Innovative Enhancements

Our embryologists perform this microsurgical procedure to increase the chances of embryo implantation and pregnancy. Each embryo is surrounded by a "shell" called the zona pellucida. The embryo must break out of this "shell" in order for implantation to occur. Prior to transfer to the uterus, an artificial opening is created in the "shell"  to increase the likelihood of implantation.

ERA is an innovative test that helps pinpoint the exact time when your endometrium is receptive to embryo implanting. This test can help improve chances of pregnancy for those with repeated failed IVF.

ERA involves taking a small sample (biopsy) of endometrial cells at a particular times in your cycle. Cells in the endometrium produce certain types ⁠of genetic material during the window of implantation (WOI).⁠ An ERA can identify which endometrial cells ⁠are “Receptive” or “Nonreceptive” and whether your WOI is open or not. With repeated tests your doctor can determine your precise WOI. ⁠We can then time your embryo ⁠transfer to the most optimal time to maximize chance of achieving pregnancy.

EndomeTRIO is a series of tests including ERA - described in the section above - and two additional tests: ALICE and EMMA.

ALICE detects chronic endometritis-causing bacteria and recommends appropriate antibiotics. Endometriosis is a condition affecting 30% of infertile patients that is linked to implantation failure and recurrent miscarriages.

EMMA indicates the endometrial microbiome balance. EMMA provides information on the proportions of healthy endometrial bacteria, including those linked to higher pregnancy rates. It will recommend antibiotic and probiotic treatment, if needed, to restore an optimal microbiome. Includes ALICE.

Preimplantation genetic testing (PGT-A) for aneuploidy is a comprehensive chromosome screening performed on a small embryo biopsy, prior to transfer, to detect chromosomal abnormalities. All 24 chromosomes (22 autosomes plus X and Y) are examined to evaluate any gains or losses in the number of chromosomes, also known as aneuploidy. Normally there are 23 pairs of chromosomes in each human cell. A numerical change in the number of chromosomes is called aneuploidy. Aneuploidy can result in developmental abnormalities and is responsible for the vast majority of spontaneous miscarriages. Using PGT-A to screen for aneuploidy can also reduce the amount of time and additional costs inferred with multiple IVF cycles and increase the likelihood of pregnancy with single embryo transfers (eSET).

Preimplantation genetic testing (PGT-M) is a powerful genetic test to screen for specific inherited diseases.  PGT-M is performed on a small embryo biopsy to identify specific genetic conditions.  Embryos that did not inherit the affected gene(s) can then be selected for transfer.
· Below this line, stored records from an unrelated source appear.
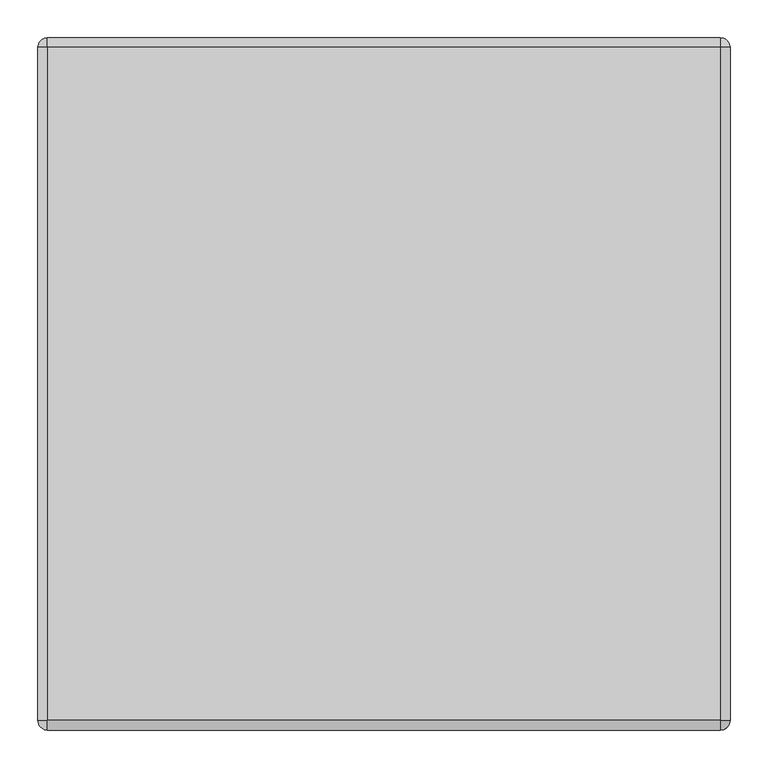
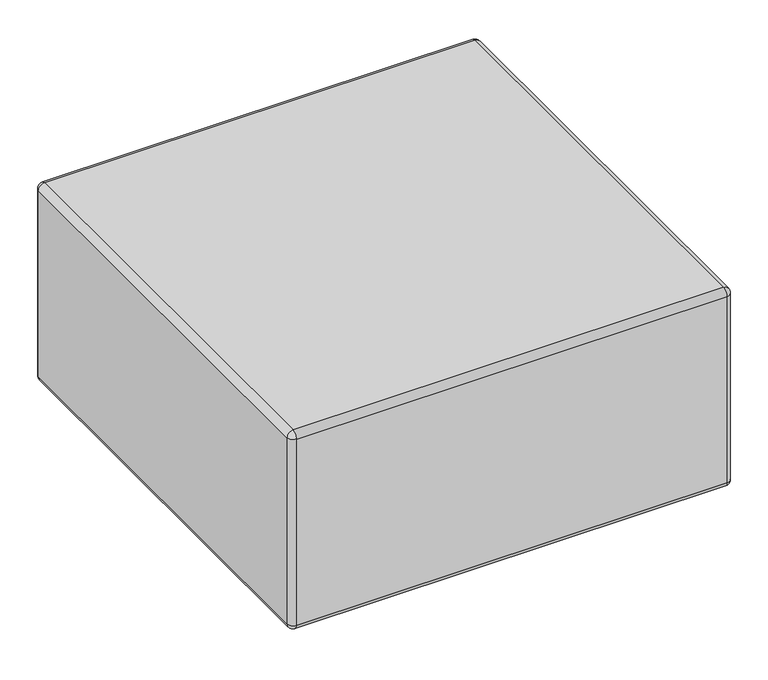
"""IFC4 building model written with IfcOpenShell, lengths in millimetres: furniture geometry, KFI Studios - Conversa : 36”x36” Seat."""

from ifc_helpers import new_model, si_unit, point, frame, origin, place, context, project, spatial, polyline, circle_curve, ellipse_curve, trimmed, source, transform, mapped, element, save
from ifc_brep_helpers import plane_surface, cylinder_surface, revolved_surface, advanced_brep


def furniture_a2253782(model_context):
    return source(origin(), model_context, "Body", "AdvancedBrep", [
        advanced_brep(
        [(373.3895895, 365.125, 25.4), (365.125, 365.125, 25.4), (356.8604105, 365.125, 25.4), (373.3895895, 365.125, 14.2843611), (356.8604105, 365.125, 14.2843611), (371.7876354, 365.125, 14.2843611), (358.4623646, 365.125, 14.2843611), (371.7876354, 365.125, 12.7064551), (358.4623646, 365.125, 12.7064551), (373.3890671, 365.125, 12.7064551), (356.8609329, 365.125, 12.7064551), (382.5741215, 365.125, 3.1950529), (347.6758785, 365.125, 3.1950529), (382.5741215, 365.125, 0.0), (347.6758785, 365.125, 0.0), (365.125, 365.125, 0.0)],
        [
            (0, 1),
            (1, 2),
            (2, 0, circle_curve(frame((365.125, 365.125, 25.4), z_axis=(0.0, 0.0, 1.0), x_axis=(-1.0, 0.0, 0.0)), 8.2645895)),
            (0, 2, circle_curve(frame((365.125, 365.125, 25.4), z_axis=(0.0, 0.0, 1.0), x_axis=(-1.0, 0.0, 0.0)), 8.2645895)),
            (3, 0),
            (2, 4),
            (4, 3, circle_curve(frame((365.125, 365.125, 14.2843611), z_axis=(0.0, 0.0, 1.0), x_axis=(-1.0, 0.0, 0.0)), 8.2645895)),
            (3, 4, circle_curve(frame((365.125, 365.125, 14.2843611), z_axis=(0.0, 0.0, 1.0), x_axis=(-1.0, 0.0, 0.0)), 8.2645895)),
            (5, 3),
            (4, 6),
            (6, 5, circle_curve(frame((365.125, 365.125, 14.2843611), z_axis=(0.0, 0.0, 1.0), x_axis=(-1.0, 0.0, 0.0)), 6.6626354)),
            (5, 6, circle_curve(frame((365.125, 365.125, 14.2843611), z_axis=(0.0, 0.0, 1.0), x_axis=(-1.0, 0.0, 0.0)), 6.6626354)),
            (7, 5),
            (6, 8),
            (8, 7, circle_curve(frame((365.125, 365.125, 12.7064551), z_axis=(0.0, 0.0, 1.0), x_axis=(-1.0, 0.0, 0.0)), 6.6626354)),
            (7, 8, circle_curve(frame((365.125, 365.125, 12.7064551), z_axis=(0.0, 0.0, 1.0), x_axis=(-1.0, 0.0, 0.0)), 6.6626354)),
            (9, 7),
            (8, 10),
            (10, 9, circle_curve(frame((365.125, 365.125, 12.7064551), z_axis=(0.0, 0.0, 1.0), x_axis=(-1.0, 0.0, 0.0)), 8.2640671)),
            (9, 10, circle_curve(frame((365.125, 365.125, 12.7064551), z_axis=(0.0, 0.0, 1.0), x_axis=(-1.0, 0.0, 0.0)), 8.2640671)),
            (11, 9),
            (10, 12),
            (12, 11, circle_curve(frame((365.125, 365.125, 3.1950529), z_axis=(0.0, 0.0, 1.0), x_axis=(-1.0, 0.0, 0.0)), 17.4491215)),
            (11, 12, circle_curve(frame((365.125, 365.125, 3.1950529), z_axis=(0.0, 0.0, 1.0), x_axis=(-1.0, 0.0, 0.0)), 17.4491215)),
            (13, 11),
            (12, 14),
            (14, 13, circle_curve(frame((365.125, 365.125, 0.0), z_axis=(0.0, 0.0, 1.0), x_axis=(-1.0, 0.0, 0.0)), 17.4491215)),
            (13, 14, circle_curve(frame((365.125, 365.125, 0.0), z_axis=(0.0, 0.0, 1.0), x_axis=(-1.0, 0.0, 0.0)), 17.4491215)),
            (15, 13),
            (14, 15),
        ],
        [
            plane_surface(frame((365.125, 365.125, 25.4), z_axis=(0.0, 0.0, 1.0), x_axis=(-1.0, 0.0, 0.0))),
            cylinder_surface(frame((365.125, 365.125, 33.820929), z_axis=(0.0, 0.0, -1.0), x_axis=(-1.0, 0.0, 0.0)), 8.2645895),
            plane_surface(frame((365.125, 365.125, 14.2843611), z_axis=(0.0, 0.0, -1.0), x_axis=(-1.0, 0.0, 0.0))),
            cylinder_surface(frame((365.125, 365.125, 33.820929), z_axis=(0.0, 0.0, -1.0), x_axis=(-1.0, 0.0, 0.0)), 6.6626354),
            plane_surface(frame((365.125, 365.125, 12.7064551), z_axis=(0.0, 0.0, 1.0), x_axis=(-1.0, 0.0, 0.0))),
            revolved_surface(polyline([(356.8609329, 365.125, 12.7064551), (347.6758785, 365.125, 3.1950529)]), (365.125, 365.125, 33.820929), (0.0, 0.0, -1.0)),
            cylinder_surface(frame((365.125, 365.125, 33.820929), z_axis=(0.0, 0.0, -1.0), x_axis=(-1.0, 0.0, 0.0)), 17.4491215),
            plane_surface(frame((365.125, 365.125, 0.0), z_axis=(0.0, 0.0, -1.0), x_axis=(-1.0, 0.0, 0.0))),
        ],
        [
            (0, [[1, 2, 3]]),
            (0, [[-2, -1, 4]]),
            (1, [[5, -3, 6, 7]]),
            (1, [[-6, -4, -5, 8]]),
            (2, [[9, -7, 10, 11]]),
            (2, [[-10, -8, -9, 12]]),
            (3, [[13, -11, 14, 15]]),
            (3, [[-14, -12, -13, 16]]),
            (4, [[17, -15, 18, 19]]),
            (4, [[-18, -16, -17, 20]]),
            (5, [[21, -19, 22, 23]]),
            (5, [[-22, -20, -21, 24]]),
            (6, [[25, -23, 26, 27]]),
            (6, [[-26, -24, -25, 28]]),
            (7, [[29, -27, 30]]),
            (7, [[-30, -28, -29]]),
        ],
    ),
        advanced_brep(
        [(-356.8604105, 365.125, 25.4), (-365.125, 365.125, 25.4), (-373.3895895, 365.125, 25.4), (-356.8604105, 365.125, 14.2843611), (-373.3895895, 365.125, 14.2843611), (-358.4623646, 365.125, 14.2843611), (-371.7876354, 365.125, 14.2843611), (-358.4623646, 365.125, 12.7064551), (-371.7876354, 365.125, 12.7064551), (-356.8609329, 365.125, 12.7064551), (-373.3890671, 365.125, 12.7064551), (-347.6758785, 365.125, 3.1950529), (-382.5741215, 365.125, 3.1950529), (-347.6758785, 365.125, 0.0), (-382.5741215, 365.125, 0.0), (-365.125, 365.125, 0.0)],
        [
            (0, 1),
            (1, 2),
            (2, 0, circle_curve(frame((-365.125, 365.125, 25.4), z_axis=(0.0, 0.0, 1.0), x_axis=(-1.0, 0.0, 0.0)), 8.2645895)),
            (0, 2, circle_curve(frame((-365.125, 365.125, 25.4), z_axis=(0.0, 0.0, 1.0), x_axis=(-1.0, 0.0, 0.0)), 8.2645895)),
            (3, 0),
            (2, 4),
            (4, 3, circle_curve(frame((-365.125, 365.125, 14.2843611), z_axis=(0.0, 0.0, 1.0), x_axis=(-1.0, 0.0, 0.0)), 8.2645895)),
            (3, 4, circle_curve(frame((-365.125, 365.125, 14.2843611), z_axis=(0.0, 0.0, 1.0), x_axis=(-1.0, 0.0, 0.0)), 8.2645895)),
            (5, 3),
            (4, 6),
            (6, 5, circle_curve(frame((-365.125, 365.125, 14.2843611), z_axis=(0.0, 0.0, 1.0), x_axis=(-1.0, 0.0, 0.0)), 6.6626354)),
            (5, 6, circle_curve(frame((-365.125, 365.125, 14.2843611), z_axis=(0.0, 0.0, 1.0), x_axis=(-1.0, 0.0, 0.0)), 6.6626354)),
            (7, 5),
            (6, 8),
            (8, 7, circle_curve(frame((-365.125, 365.125, 12.7064551), z_axis=(0.0, 0.0, 1.0), x_axis=(-1.0, 0.0, 0.0)), 6.6626354)),
            (7, 8, circle_curve(frame((-365.125, 365.125, 12.7064551), z_axis=(0.0, 0.0, 1.0), x_axis=(-1.0, 0.0, 0.0)), 6.6626354)),
            (9, 7),
            (8, 10),
            (10, 9, circle_curve(frame((-365.125, 365.125, 12.7064551), z_axis=(0.0, 0.0, 1.0), x_axis=(-1.0, 0.0, 0.0)), 8.2640671)),
            (9, 10, circle_curve(frame((-365.125, 365.125, 12.7064551), z_axis=(0.0, 0.0, 1.0), x_axis=(-1.0, 0.0, 0.0)), 8.2640671)),
            (11, 9),
            (10, 12),
            (12, 11, circle_curve(frame((-365.125, 365.125, 3.1950529), z_axis=(0.0, 0.0, 1.0), x_axis=(-1.0, 0.0, 0.0)), 17.4491215)),
            (11, 12, circle_curve(frame((-365.125, 365.125, 3.1950529), z_axis=(0.0, 0.0, 1.0), x_axis=(-1.0, 0.0, 0.0)), 17.4491215)),
            (13, 11),
            (12, 14),
            (14, 13, circle_curve(frame((-365.125, 365.125, 0.0), z_axis=(0.0, 0.0, 1.0), x_axis=(-1.0, 0.0, 0.0)), 17.4491215)),
            (13, 14, circle_curve(frame((-365.125, 365.125, 0.0), z_axis=(0.0, 0.0, 1.0), x_axis=(-1.0, 0.0, 0.0)), 17.4491215)),
            (15, 13),
            (14, 15),
        ],
        [
            plane_surface(frame((-365.125, 365.125, 25.4), z_axis=(0.0, 0.0, 1.0), x_axis=(-1.0, 0.0, 0.0))),
            cylinder_surface(frame((-365.125, 365.125, 33.820929), z_axis=(0.0, 0.0, -1.0), x_axis=(-1.0, 0.0, 0.0)), 8.2645895),
            plane_surface(frame((-365.125, 365.125, 14.2843611), z_axis=(0.0, 0.0, -1.0), x_axis=(-1.0, 0.0, 0.0))),
            cylinder_surface(frame((-365.125, 365.125, 33.820929), z_axis=(0.0, 0.0, -1.0), x_axis=(-1.0, 0.0, 0.0)), 6.6626354),
            plane_surface(frame((-365.125, 365.125, 12.7064551), z_axis=(0.0, 0.0, 1.0), x_axis=(-1.0, 0.0, 0.0))),
            revolved_surface(polyline([(-373.3890671, 365.125, 12.7064551), (-382.5741215, 365.125, 3.1950529)]), (-365.125, 365.125, 33.820929), (0.0, 0.0, -1.0)),
            cylinder_surface(frame((-365.125, 365.125, 33.820929), z_axis=(0.0, 0.0, -1.0), x_axis=(-1.0, 0.0, 0.0)), 17.4491215),
            plane_surface(frame((-365.125, 365.125, 0.0), z_axis=(0.0, 0.0, -1.0), x_axis=(-1.0, 0.0, 0.0))),
        ],
        [
            (0, [[1, 2, 3]]),
            (0, [[-2, -1, 4]]),
            (1, [[5, -3, 6, 7]]),
            (1, [[-6, -4, -5, 8]]),
            (2, [[9, -7, 10, 11]]),
            (2, [[-10, -8, -9, 12]]),
            (3, [[13, -11, 14, 15]]),
            (3, [[-14, -12, -13, 16]]),
            (4, [[17, -15, 18, 19]]),
            (4, [[-18, -16, -17, 20]]),
            (5, [[21, -19, 22, 23]]),
            (5, [[-22, -20, -21, 24]]),
            (6, [[25, -23, 26, 27]]),
            (6, [[-26, -24, -25, 28]]),
            (7, [[29, -27, 30]]),
            (7, [[-30, -28, -29]]),
        ],
    ),
        advanced_brep(
        [(373.3895895, -365.125, 25.4), (356.8604105, -365.125, 25.4), (365.125, -365.125, 25.4), (373.3895895, -365.125, 14.2843611), (356.8604105, -365.125, 14.2843611), (371.7876354, -365.125, 14.2843611), (358.4623646, -365.125, 14.2843611), (371.7876354, -365.125, 12.7064551), (358.4623646, -365.125, 12.7064551), (373.3890671, -365.125, 12.7064551), (356.8609329, -365.125, 12.7064551), (382.5741215, -365.125, 3.1950529), (347.6758785, -365.125, 3.1950529), (382.5741215, -365.125, 0.0), (347.6758785, -365.125, 0.0), (365.125, -365.125, 0.0)],
        [
            (0, 1, circle_curve(frame((365.125, -365.125, 25.4), z_axis=(0.0, 0.0, 1.0), x_axis=(-1.0, 0.0, 0.0)), 8.2645895)),
            (1, 2),
            (2, 0),
            (1, 0, circle_curve(frame((365.125, -365.125, 25.4), z_axis=(0.0, 0.0, 1.0), x_axis=(-1.0, 0.0, 0.0)), 8.2645895)),
            (3, 4, circle_curve(frame((365.125, -365.125, 14.2843611), z_axis=(0.0, 0.0, 1.0), x_axis=(-1.0, 0.0, 0.0)), 8.2645895)),
            (4, 1),
            (0, 3),
            (4, 3, circle_curve(frame((365.125, -365.125, 14.2843611), z_axis=(0.0, 0.0, 1.0), x_axis=(-1.0, 0.0, 0.0)), 8.2645895)),
            (5, 6, circle_curve(frame((365.125, -365.125, 14.2843611), z_axis=(0.0, 0.0, 1.0), x_axis=(-1.0, 0.0, 0.0)), 6.6626354)),
            (6, 4),
            (3, 5),
            (6, 5, circle_curve(frame((365.125, -365.125, 14.2843611), z_axis=(0.0, 0.0, 1.0), x_axis=(-1.0, 0.0, 0.0)), 6.6626354)),
            (7, 8, circle_curve(frame((365.125, -365.125, 12.7064551), z_axis=(0.0, 0.0, 1.0), x_axis=(-1.0, 0.0, 0.0)), 6.6626354)),
            (8, 6),
            (5, 7),
            (8, 7, circle_curve(frame((365.125, -365.125, 12.7064551), z_axis=(0.0, 0.0, 1.0), x_axis=(-1.0, 0.0, 0.0)), 6.6626354)),
            (9, 10, circle_curve(frame((365.125, -365.125, 12.7064551), z_axis=(0.0, 0.0, 1.0), x_axis=(-1.0, 0.0, 0.0)), 8.2640671)),
            (10, 8),
            (7, 9),
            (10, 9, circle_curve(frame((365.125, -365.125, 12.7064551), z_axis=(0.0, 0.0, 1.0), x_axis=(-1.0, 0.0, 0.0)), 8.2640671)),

PGT-M is indicated if you or your partner carry or are affected with a serious genetic disease like cystic fibrosis, fragile X syndrome, muscular dystrophy, Huntington disease and others, that may be passed on to your offspring. The diagnostic accuracy of PGT is between 90-99% when looking for a known genetic condition.

PGT-SR is also performed on a small embryo biopsy, prior to transfer, and used to identify chromosomal structural rearrangements.  These rearrangements can be caused by balanced translocations or inversions. Embryos that have a balanced chromosomal arrangement can then be selected for transfer.